### GIVEN DATA
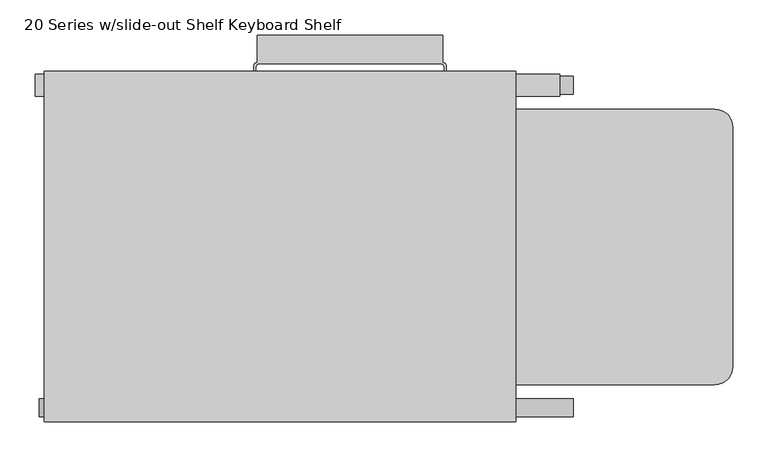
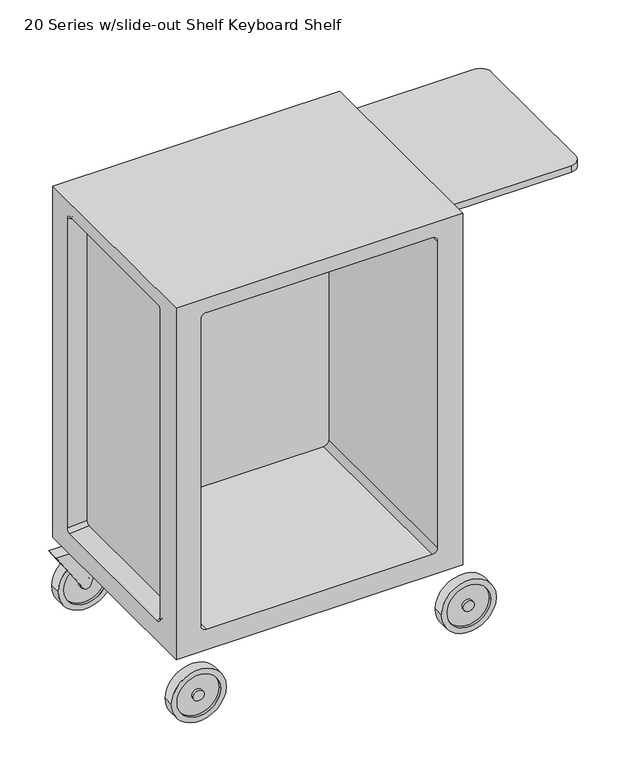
"""IFC4 building model written with IfcOpenShell, lengths in millimetres: furniture geometry, HermanMiller_Carts_CTT_StorageandTechnologyCart : 20 Series w/slide-out Shelf Keyboard Shelf."""

from ifc_helpers import new_model, si_unit, point, frame, frame_2d, origin, place, context, project, spatial, polyline, circle_curve, trimmed, segment, composite_curve, outline, extrude, faceted_brep, source, transform, mapped, element, save
from ifc_brep_helpers import plane_surface, cylinder_surface, revolved_surface, extruded_surface, spline_surface, advanced_brep


def furniture_20_series_w_slide_out_shelf_keyboard_shelf_b82dab68(model_context):
    return source(origin(), model_context, "Body", "SolidModel", [
        extrude(outline(composite_curve([segment(polyline([(354.251128, 456.6348819), (952.1313951, 456.6348819)]), True, "CONTINUOUS"), segment(trimmed(circle_curve(frame_2d((952.1313951, 431.2348819)), 25.4), [point((952.1313951, 456.6348819))], [point((977.5313951, 431.2348819))], False, "CARTESIAN"), True, "CONTINUOUS"), segment(polyline([(977.5313951, 431.2348819), (977.5313951, 90.951077)]), True, "CONTINUOUS"), segment(trimmed(circle_curve(frame_2d((952.1313951, 90.951077)), 25.4), [point((977.5313951, 90.951077))], [point((952.1313951, 65.551077))], False, "CARTESIAN"), True, "CONTINUOUS"), segment(polyline([(952.1313951, 65.551077), (354.251128, 65.551077)]), True, "CONTINUOUS"), segment(trimmed(circle_curve(frame_2d((354.251128, 90.951077)), 25.4), [point((354.251128, 65.551077))], [point((328.851128, 90.951077))], False, "CARTESIAN"), True, "CONTINUOUS"), segment(polyline([(328.851128, 90.951077), (328.851128, 431.2348819)]), True, "CONTINUOUS"), segment(trimmed(circle_curve(frame_2d((354.251128, 431.2348819)), 25.4), [point((328.851128, 431.2348819))], [point((354.251128, 456.6348819))], False, "CARTESIAN"), True, "CONTINUOUS")], self_intersect=False)), frame((0.0, 0.0, 1011.0544959), z_axis=(0.0, 0.0, 1.0), x_axis=(1.0, 0.0, 0.0)), (0.0, 0.0, 1.0), 16.1038115),
        advanced_brep(
        [(61.4649417, 500.551024, 934.1645639), (606.8845683, 500.551024, 934.1645639), (606.8845683, 500.551024, 963.6285358), (61.4649417, 500.551024, 963.6285358), (58.2929989, 510.7872451, 934.1645639), (297.8227224, 510.7872451, 934.1645639), (297.8227224, 504.9452325, 934.1645639), (300.36272, 504.9452325, 934.1645639), (300.36272, 510.7872451, 934.1645639), (568.0584077, 510.7872451, 934.1645639), (568.0584077, 504.9452325, 934.1645639), (570.598369, 504.9452325, 934.1645639), (570.598369, 510.7872451, 934.1645639), (610.1259708, 510.7872451, 934.1645639), (297.8227224, 510.7872451, 963.6285358), (58.2929989, 510.7872451, 963.6285358), (610.1259708, 510.7872451, 963.6285358), (570.598369, 510.7872451, 963.6285358), (570.598369, 504.9452325, 963.6285358), (568.0584077, 504.9452325, 963.6285358), (568.0584077, 510.7872451, 963.6285358), (300.36272, 510.7872451, 963.6285358), (300.36272, 504.9452325, 963.6285358), (297.8227224, 504.9452325, 963.6285358), (566.0365835, 561.7040863, 974.296562), (302.3845442, 561.7040863, 974.296562), (302.3845442, 523.6040672, 974.296562), (299.1588407, 522.267937, 974.296562), (297.8227224, 519.042262, 974.296562), (297.8227224, 504.9452325, 974.296562), (300.36272, 504.9452325, 974.296562), (300.36272, 516.5022562, 974.296562), (301.6988407, 519.727937, 974.296562), (304.9245086, 521.0640524, 974.296562), (563.4965889, 521.0640524, 974.296562), (566.7222567, 519.727937, 974.296562), (568.0584077, 516.5021831, 974.296562), (568.0584077, 504.9452325, 974.296562), (570.598369, 504.9452325, 974.296562), (570.598369, 519.0422767, 974.296562), (569.2622567, 522.267937, 974.296562), (566.0365835, 523.6040546, 974.296562), (566.0365835, 561.7040863, 923.1507013), (566.0365835, 523.6040546, 923.1507013), (569.2622567, 522.267937, 923.1507013), (570.598369, 519.0422767, 923.1507013), (570.598369, 504.9452325, 923.1507013), (568.0584077, 504.9452325, 923.1507013), (568.0584077, 516.5021831, 923.1507013), (566.7222567, 519.727937, 923.1507013), (563.4965889, 521.0640524, 923.1507013), (304.9245086, 521.0640524, 923.1507013), (301.6988407, 519.727937, 923.1507013), (300.36272, 516.5022562, 923.1507013), (300.36272, 504.9452325, 923.1507013), (297.8227224, 504.9452325, 923.1507013), (297.8227224, 519.042262, 923.1507013), (299.1588407, 522.267937, 923.1507013), (302.3845442, 523.6040672, 923.1507013), (302.3845442, 561.7040863, 923.1507013), (352.9211458, 523.6040863, 923.1507013), (352.9211458, 526.1440863, 923.1507013), (313.560576, 526.1440863, 923.1507013), (313.560576, 523.6040863, 923.1507013), (0.0, 13.1902196, 173.0537902), (669.1809417, 13.1902196, 173.0537902), (669.1809417, 13.1902196, 1039.8287539), (0.0, 13.1902196, 1039.8287539), (70.9929989, 13.1902196, 223.8537962), (58.2929989, 13.1902196, 236.5537962), (58.2929989, 13.1902196, 992.2037781), (70.9929989, 13.1902196, 1004.9037781), (597.4259708, 13.1902196, 1004.9037781), (610.1259708, 13.1902196, 992.2037781), (610.1259708, 13.1902196, 236.5537962), (597.4259708, 13.1902196, 223.8537962), (0.0, 510.7872451, 173.0537902), (0.0, 510.7872451, 1039.8287539), (669.1809417, 510.7872451, 1039.8287539), (669.1809417, 510.7872451, 173.0537902), (58.2929989, 510.7872451, 236.5537962), (70.9929989, 510.7872451, 223.8537962), (597.4259708, 510.7872451, 223.8537962), (610.1259708, 510.7872451, 236.5537962), (610.1259708, 510.7872451, 992.2037781), (597.4259708, 510.7872451, 1004.9037781), (70.9929989, 510.7872451, 1004.9037781), (58.2929989, 510.7872451, 992.2037781), (669.1809417, 442.9470837, 987.082132), (669.1809417, 442.9470837, 241.6754167), (669.1809417, 434.0570837, 232.7854167), (669.1809417, 97.1966302, 232.7854167), (669.1809417, 88.3066302, 241.6754167), (669.1809417, 88.3066302, 987.082132), (669.1809417, 97.1966302, 995.972132), (669.1809417, 434.0570837, 995.972132), (0.0, 451.8787042, 232.7437962), (0.0, 451.8787042, 996.0137781), (0.0, 442.9887042, 1004.9037781), (0.0, 88.264997, 1004.9037781), (0.0, 79.374997, 996.0137781), (0.0, 79.374997, 232.7437962), (0.0, 88.264997, 223.8537962), (0.0, 442.9887042, 223.8537962), (70.9929989, 451.8787042, 223.8537962), (58.2929989, 451.8787042, 236.5537962), (58.2929989, 451.8787042, 992.2037781), (70.9929989, 451.8787042, 1004.9037781), (597.4259708, 451.8787042, 1004.9037781), (610.1259708, 451.8787042, 992.2037781), (610.1259708, 451.8787042, 236.5537962), (597.4259708, 451.8787042, 223.8537962), (38.7413086, 439.1787163, 245.4437841), (38.7413086, 430.2887163, 236.5537841), (38.7413086, 100.965003, 236.5537841), (38.7413086, 92.075003, 245.4437841), (38.7413086, 92.075003, 983.3137539), (38.7413086, 100.965003, 992.2037539), (38.7413086, 430.2887163, 992.2037539), (38.7413086, 439.1787163, 983.3137539), (352.9211458, 523.6040863, 840.3115717), (313.560576, 523.6040863, 840.3115717), (313.560576, 526.1440863, 840.3115717), (350.3811458, 526.1440863, 840.3115717), (350.3811458, 559.1640863, 840.3115717), (308.4711337, 559.1640863, 840.3115717), (308.4711337, 561.7040863, 840.3115717), (352.9211458, 561.7040863, 840.3115717), (352.9211458, 561.7040863, 872.0615232), (352.9211458, 526.1440863, 872.0615232), (313.560576, 523.6040863, 872.0615232), (313.560576, 526.1440863, 872.0615232), (350.3811458, 526.1440863, 872.0615232), (308.4711337, 561.7040863, 872.0615232), (308.4711337, 559.1640863, 872.0615232), (350.3811458, 559.1640863, 872.0615232), (631.0883758, 439.1787163, 245.4437841), (631.0883758, 439.1787163, 983.3137539), (631.0883758, 430.2887163, 992.2037539), (631.0883758, 100.965003, 992.2037539), (631.0883758, 92.075003, 983.3137539), (631.0883758, 92.075003, 245.4437841), (631.0883758, 100.965003, 236.5537841), (631.0883758, 430.2887163, 236.5537841), (590.9293305, 470.2181007, 236.5537841), (77.2143409, 470.2181007, 236.5537841), (70.8643378, 470.2181007, 242.9037872), (70.8643378, 470.2181007, 985.8537508), (77.2143409, 470.2181007, 992.2037539), (590.9293668, 470.2181007, 992.2037539), (597.2793426, 470.2181007, 985.8537781), (597.2793426, 470.2181007, 242.9037962)],
        [
            (0, 1),
            (1, 2),
            (2, 3),
            (3, 0),
            (4, 5),
            (5, 6),
            (6, 7),
            (7, 8),
            (8, 9),
            (9, 10),
            (10, 11),
            (11, 12),
            (12, 13),
            (13, 1),
            (0, 4),
            (14, 15),
            (15, 3),
            (2, 16),
            (16, 17),
            (17, 18),
            (18, 19),
            (19, 20),
            (20, 21),
            (21, 22),
            (22, 23),
            (23, 14),
            (24, 25),
            (25, 26),
            (26, 27),
            (27, 28),
            (28, 29),
            (29, 30),
            (30, 31),
            (31, 32),
            (32, 33),
            (33, 34),
            (34, 35),
            (35, 36),
            (36, 37),
            (37, 38),
            (38, 39),
            (39, 40),
            (40, 41),
            (41, 24),
            (42, 43),
            (43, 44),
            (44, 45),
            (45, 46),
            (46, 47),
            (47, 48),
            (48, 49),
            (49, 50),
            (50, 51),
            (51, 52),
            (52, 53),
            (53, 54),
            (54, 55),
            (55, 56),
            (56, 57),
            (57, 58),
            (58, 59),
            (59, 42),
            (60, 61),
            (61, 62),
            (62, 63),
            (63, 60),
            (24, 42),
            (59, 25),
            (58, 26),
            (57, 27),
            (56, 28),
            (55, 6),
            (5, 14),
            (23, 29),
            (22, 30),
            (54, 7),
            (21, 8),
            (53, 31),
            (52, 32),
            (51, 33),
            (50, 34),
            (49, 35),
            (48, 36),
            (47, 10),
            (9, 20),
            (19, 37),
            (18, 38),
            (46, 11),
            (17, 12),
            (45, 39),
            (44, 40),
            (43, 41),
            (64, 65),
            (65, 66),
            (66, 67),
            (67, 64),
            (68, 69, circle_curve(frame((70.9929989, 13.1902196, 236.5537962), z_axis=(0.0, 1.0, 0.0), x_axis=(1.0, 0.0, 0.0)), 12.7)),
            (69, 70),
            (70, 71, circle_curve(frame((70.9929989, 13.1902196, 992.2037781), z_axis=(0.0, 1.0, 0.0), x_axis=(1.0, 0.0, 0.0)), 12.7)),
            (71, 72),
            (72, 73, circle_curve(frame((597.4259708, 13.1902196, 992.2037781), z_axis=(0.0, 1.0, 0.0), x_axis=(1.0, 0.0, 0.0)), 12.7)),
            (73, 74),
            (74, 75, circle_curve(frame((597.4259708, 13.1902196, 236.5537962), z_axis=(0.0, 1.0, 0.0), x_axis=(1.0, 0.0, 0.0)), 12.7)),
            (75, 68),
            (76, 77),
            (77, 78),
            (78, 79),
            (79, 76),
            (4, 80),
            (80, 81, circle_curve(frame((70.9929989, 510.7872451, 236.5537962), z_axis=(0.0, -1.0, 0.0), x_axis=(1.0, 0.0, 0.0)), 12.7)),
            (81, 82),
            (82, 83, circle_curve(frame((597.4259708, 510.7872451, 236.5537962), z_axis=(0.0, -1.0, 0.0), x_axis=(1.0, 0.0, 0.0)), 12.7)),
            (83, 13),
            (16, 84),
            (84, 85, circle_curve(frame((597.4259708, 510.7872451, 992.2037781), z_axis=(0.0, -1.0, 0.0), x_axis=(1.0, 0.0, 0.0)), 12.7)),
            (85, 86),
            (86, 87, circle_curve(frame((70.9929989, 510.7872451, 992.2037781), z_axis=(0.0, -1.0, 0.0), x_axis=(1.0, 0.0, 0.0)), 12.7)),
            (87, 15),
            (64, 76),
            (79, 65),
            (78, 66),
            (88, 89),
            (89, 90, circle_curve(frame((669.1809417, 434.0570837, 241.6754167), z_axis=(-1.0, 0.0, 0.0), x_axis=(0.0, 1.0, 0.0)), 8.89)),
            (90, 91),
            (91, 92, circle_curve(frame((669.1809417, 97.1966302, 241.6754167), z_axis=(-1.0, 0.0, 0.0), x_axis=(0.0, 1.0, 0.0)), 8.89)),
            (92, 93),
            (93, 94, circle_curve(frame((669.1809417, 97.1966302, 987.082132), z_axis=(-1.0, 0.0, 0.0), x_axis=(0.0, 1.0, 0.0)), 8.89)),
            (94, 95),
            (95, 88, circle_curve(frame((669.1809417, 434.0570837, 987.082132), z_axis=(-1.0, 0.0, 0.0), x_axis=(0.0, 1.0, 0.0)), 8.89)),
            (77, 67),
            (96, 97),
            (97, 98, circle_curve(frame((0.0, 442.9887042, 996.0137781), z_axis=(1.0, 0.0, 0.0), x_axis=(0.0, 1.0, 0.0)), 8.89)),
            (98, 99),
            (99, 100, circle_curve(frame((0.0, 88.264997, 996.0137781), z_axis=(1.0, 0.0, 0.0), x_axis=(0.0, 1.0, 0.0)), 8.89)),
            (100, 101),
            (101, 102, circle_curve(frame((0.0, 88.264997, 232.7437962), z_axis=(1.0, 0.0, 0.0), x_axis=(0.0, 1.0, 0.0)), 8.89)),
            (102, 103),
            (103, 96, circle_curve(frame((0.0, 442.9887042, 232.7437962), z_axis=(1.0, 0.0, 0.0), x_axis=(0.0, 1.0, 0.0)), 8.89)),
            (68, 104),
            (104, 105, circle_curve(frame((70.9929989, 451.8787042, 236.5537962), z_axis=(0.0, 1.0, 0.0), x_axis=(1.0, 0.0, 0.0)), 12.7)),
            (105, 69),
            (105, 106),
            (106, 70),
            (106, 107, circle_curve(frame((70.9929989, 451.8787042, 992.2037781), z_axis=(0.0, 1.0, 0.0), x_axis=(1.0, 0.0, 0.0)), 12.7)),
            (107, 71),
            (107, 108),
            (108, 72),
            (108, 109, circle_curve(frame((597.4259708, 451.8787042, 992.2037781), z_axis=(0.0, 1.0, 0.0), x_axis=(1.0, 0.0, 0.0)), 12.7)),
            (109, 73),
            (109, 110),
            (110, 74),
            (110, 111, circle_curve(frame((597.4259708, 451.8787042, 236.5537962), z_axis=(0.0, 1.0, 0.0), x_axis=(1.0, 0.0, 0.0)), 12.7)),
            (111, 75),
            (111, 104),
            (112, 113, circle_curve(frame((38.7413086, 430.2887163, 245.4437841), z_axis=(-1.0, 0.0, 0.0), x_axis=(0.0, 1.0, 0.0)), 8.89)),
            (113, 114),
            (114, 115, circle_curve(frame((38.7413086, 100.965003, 245.4437841), z_axis=(-1.0, 0.0, 0.0), x_axis=(0.0, 1.0, 0.0)), 8.89)),
            (115, 116),
            (116, 117, circle_curve(frame((38.7413086, 100.965003, 983.3137539), z_axis=(-1.0, 0.0, 0.0), x_axis=(0.0, 1.0, 0.0)), 8.89)),
            (117, 118),
            (118, 119, circle_curve(frame((38.7413086, 430.2887163, 983.3137539), z_axis=(-1.0, 0.0, 0.0), x_axis=(0.0, 1.0, 0.0)), 8.89)),
            (119, 112),
            (119, 97),
            (96, 112),
            (118, 98),
            (117, 99),
            (116, 100),
            (115, 101),
            (114, 102),
            (113, 103),
            (120, 121),
            (121, 122),
            (122, 123),
            (123, 124),
            (124, 125),
            (125, 126),
            (126, 127),
            (127, 120),
            (60, 120),
            (127, 128),
            (128, 129),
            (129, 61),
            (63, 130),
            (130, 121),
            (62, 131),
            (131, 122),
            (129, 132),
            (132, 123),
            (133, 134),
            (134, 135),
            (135, 132),
            (128, 133),
            (126, 133),
            (135, 124),
            (134, 125),
            (136, 137),
            (137, 138, circle_curve(frame((631.0883758, 430.2887163, 983.3137539), z_axis=(1.0, 0.0, 0.0), x_axis=(0.0, 1.0, 0.0)), 8.89)),
            (138, 139),
            (139, 140, circle_curve(frame((631.0883758, 100.965003, 983.3137539), z_axis=(1.0, 0.0, 0.0), x_axis=(0.0, 1.0, 0.0)), 8.89)),
            (140, 141),
            (141, 142, circle_curve(frame((631.0883758, 100.965003, 245.4437841), z_axis=(1.0, 0.0, 0.0), x_axis=(0.0, 1.0, 0.0)), 8.89)),
            (142, 143),
            (143, 136, circle_curve(frame((631.0883758, 430.2887163, 245.4437841), z_axis=(1.0, 0.0, 0.0), x_axis=(0.0, 1.0, 0.0)), 8.89)),
            (136, 89),
            (88, 137),
            (95, 138),
            (94, 139),
            (93, 140),
            (92, 141),
            (91, 142),
            (90, 143),
            (144, 145),
            (145, 146, circle_curve(frame((77.2143409, 470.2181007, 242.9037872), z_axis=(0.0, 1.0, 0.0), x_axis=(1.0, 0.0, 0.0)), 6.350003)),
            (146, 147),
            (147, 148, circle_curve(frame((77.2143409, 470.2181007, 985.8537508), z_axis=(0.0, 1.0, 0.0), x_axis=(1.0, 0.0, 0.0)), 6.350003)),
            (148, 149),
            (149, 150, circle_curve(frame((590.9293668, 470.2181007, 985.8537781), z_axis=(0.0, 1.0, 0.0), x_axis=(1.0, 0.0, 0.0)), 6.3499758)),
            (150, 151),
            (151, 144, circle_curve(frame((590.9293305, 470.2181007, 242.9037962), z_axis=(0.0, 1.0, 0.0), x_axis=(1.0, 0.0, 0.0)), 6.3500121)),
            (151, 83),
            (82, 144),
            (150, 84),
            (149, 85),
            (148, 86),
            (147, 87),
            (146, 80),
            (145, 81),
        ],
        [
            plane_surface(frame((58.2929989, 500.551024, 236.5537962), z_axis=(0.0, -1.0, 0.0), x_axis=(0.0, 0.0, -1.0))),
            plane_surface(frame((58.2929989, 500.551024, 934.1645639), z_axis=(0.0, 0.0, -1.0), x_axis=(0.0, 1.0, 0.0))),
            plane_surface(frame((610.1259708, 500.551024, 963.6285358), z_axis=(0.0, 0.0, 1.0), x_axis=(0.0, 1.0, 0.0))),
            plane_surface(frame((302.3845442, 561.7040863, 974.296562), z_axis=(0.0, 0.0, 1.0), x_axis=(-1.0, 0.0, 0.0))),
            plane_surface(frame((302.3845442, 561.7040863, 923.1507013), z_axis=(0.0, 0.0, -1.0), x_axis=(1.0, 0.0, 0.0))),
            plane_surface(frame((566.0365835, 561.7040863, 974.296562), z_axis=(0.0, 1.0, 0.0), x_axis=(0.0, 0.0, -1.0))),
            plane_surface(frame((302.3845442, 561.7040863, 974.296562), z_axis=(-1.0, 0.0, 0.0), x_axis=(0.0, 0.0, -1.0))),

### AIM OF THE TASK
Go through the material and copy every line in which the word "from" occurs.

### ANSWER BELOW
from ifc_helpers import new_model, si_unit, point, frame, frame_2d, origin, place, context, project, spatial, polyline, circle_curve, trimmed, segment, composite_curve, outline, extrude, faceted_brep, source, transform, mapped, element, save
from ifc_brep_helpers import plane_surface, cylinder_surface, revolved_surface, extruded_surface, spline_surface, advanced_brep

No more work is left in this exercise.